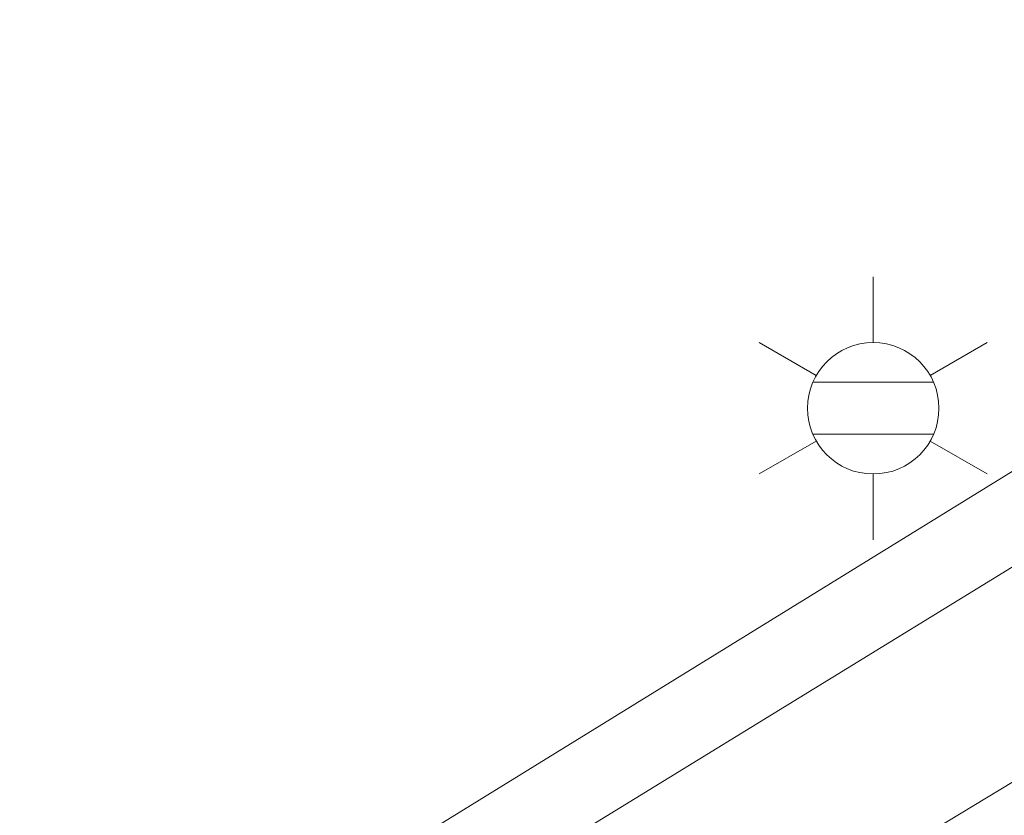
# Model space of a CAD drawing. Header units: metres. Extents: x 163628 to 168255, y 402691 to 405367.
# Tile 716 of 1056: x 165545.296 to 165546.232, y 403963.456 to 403964.213. Entities that reach past the tile are written whole.
import ezdxf
from ezdxf.enums import TextEntityAlignment as Align

# ---------------------------------------------------------------- set-up
doc = ezdxf.new("R2010")
doc.units = ezdxf.units.M
doc.linetypes.add('X-CA190022.004-UO-DWM_Snelfietsroute$0$VH-OPSLUITBAND_80X200', pattern=[14, 8, -2, 2, -2])
for name, color, linetype, lineweight in [('X-CA190022.004-UO-DTM inmeting_v0.1$0$B-WE-IE-MEUBILAIR_WEGMEUBILAIR-S', 246, 'Continuous', 0), ('X-CA190022.004-UO-DTM inmeting_v0.1$0$B-WE-VH-KANTOPSLUITING_ACHTERKANTBAND-G', 246, 'Continuous', 0), ('X-CA190022.004-UO-DTM inmeting_v0.1$0$B-WE-VH-KANTOPSLUITING_VOORKANTBAND-G', 246, 'Continuous', 0), ('X-CA190022.004-UO-DWM_Snelfietsroute$0$N-WE-VH-KANTOPSLUITING_OPSLUITBAND_80X200-G', 7, 'X-CA190022.004-UO-DWM_Snelfietsroute$0$VH-OPSLUITBAND_80X200', 20)]:
    doc.layers.add(name, color=color, linetype=linetype, lineweight=lineweight)
doc.styles.add('X-CA190022.004-UO-DTM inmeting_v0.1$0$NLCS-ISO', font='isocpeur.ttf', dxfattribs={"height": 2.5})

# ---------------------------------------------------------------- blocks, each defined once
blk = doc.blocks.new('X-CA190022.004-UO-DTM inmeting_v0.1$0$B-SIE-WEG_LICHTMAST-SO')
at = {"ltscale": 0.1}
for p, q in [((0, 0.3858), (0, 0.7715)), ((-0.3341, 0.1929), (-0.6682, 0.3858)), ((0.3341, 0.1929), (0.6682, 0.3858)), ((-0.3341, -0.1929), (-0.6682, -0.3858)), ((0.3341, -0.1929), (0.6682, -0.3858)), ((0, -0.3858), (0, -0.7715))]:
    blk.add_line(p, q, dxfattribs=at)
at = {"flags": 128}
for points in [[(-0.3544, 0.1524), (0.3544, 0.1524)], [(-0.3544, -0.1524), (0.3544, -0.1524)]]:
    blk.add_lwpolyline(points, dxfattribs=at)
at = {"ltscale": 0.1}
blk.add_circle((0, 0), 0.3858, dxfattribs=at)
at = {"style": 'X-CA190022.004-UO-DTM inmeting_v0.1$0$NLCS-ISO'}
blk.add_attdef('TYPE', text='', height=0.5486, dxfattribs=at).set_placement((0, 0.7715), align=Align.BOTTOM_CENTER)

msp = doc.modelspace()

# ---------------------------------------------------------------- linework, layer by layer
at = {"layer": 'X-CA190022.004-UO-DTM inmeting_v0.1$0$B-WE-VH-KANTOPSLUITING_ACHTERKANTBAND-G'}
msp.add_polyline3d([(165531.945, 403952.302, 10.232), (165534.859, 403955.55, 10.238), (165537.402, 403957.817, 10.225), (165539.151, 403959.242, 10.228), (165541.071, 403960.545, 10.221), (165543.818, 403962.205, 10.227), (165546.882, 403964.087, 10.226)], dxfattribs=at)
at = {"layer": 'X-CA190022.004-UO-DTM inmeting_v0.1$0$B-WE-VH-KANTOPSLUITING_VOORKANTBAND-G'}
msp.add_polyline3d([(165531.873, 403952.373, 10.231), (165534.775, 403955.586, 10.241), (165537.363, 403957.912, 10.22), (165539.085, 403959.32, 10.221), (165541.039, 403960.6, 10.219), (165543.759, 403962.253, 10.227), (165546.821, 403964.142, 10.227)], dxfattribs=at)
at = {"layer": 'X-CA190022.004-UO-DWM_Snelfietsroute$0$N-WE-VH-KANTOPSLUITING_OPSLUITBAND_80X200-G', "ltscale": 0.2, "flags": 128}
msp.add_lwpolyline([(165581.07567, 403984.49275), (165542.62399, 403961.30756), (165540.18262, 403959.7589), (165537.84497, 403958.01591), (165536.63076, 403956.98708), (165535.28424, 403955.73267), (165533.52692, 403954.0208), (165532.32173, 403952.84339), (165530.32676, 403950.83981), (165528.31613, 403948.74787), (165523.89814, 403943.90977, 0.418566), (165524.04845, 403941.0644), (165525.334, 403939.925), (165531.30778, 403934.54317)], format="xyb", dxfattribs=at)

# ---------------------------------------------------------------- block references
at = {"layer": 'X-CA190022.004-UO-DTM inmeting_v0.1$0$B-WE-IE-MEUBILAIR_WEGMEUBILAIR-S', "linetype": 'ByBlock', "lineweight": -2, "xscale": 0.1620167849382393, "yscale": 0.1620167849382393, "zscale": 0.1620167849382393}
msp.add_blockref('X-CA190022.004-UO-DTM inmeting_v0.1$0$B-SIE-WEG_LICHTMAST-SO', (165546.107, 403963.843, 10.258), dxfattribs=at)

doc.saveas('drawing.dxf')

----------

_What is expected_
Only the lines above that include the word "ezdxf" belong in the answer; copy each one.

_Answer for the task_
import ezdxf
from ezdxf.enums import TextEntityAlignment as Align
doc = ezdxf.new("R2010")
doc.units = ezdxf.units.M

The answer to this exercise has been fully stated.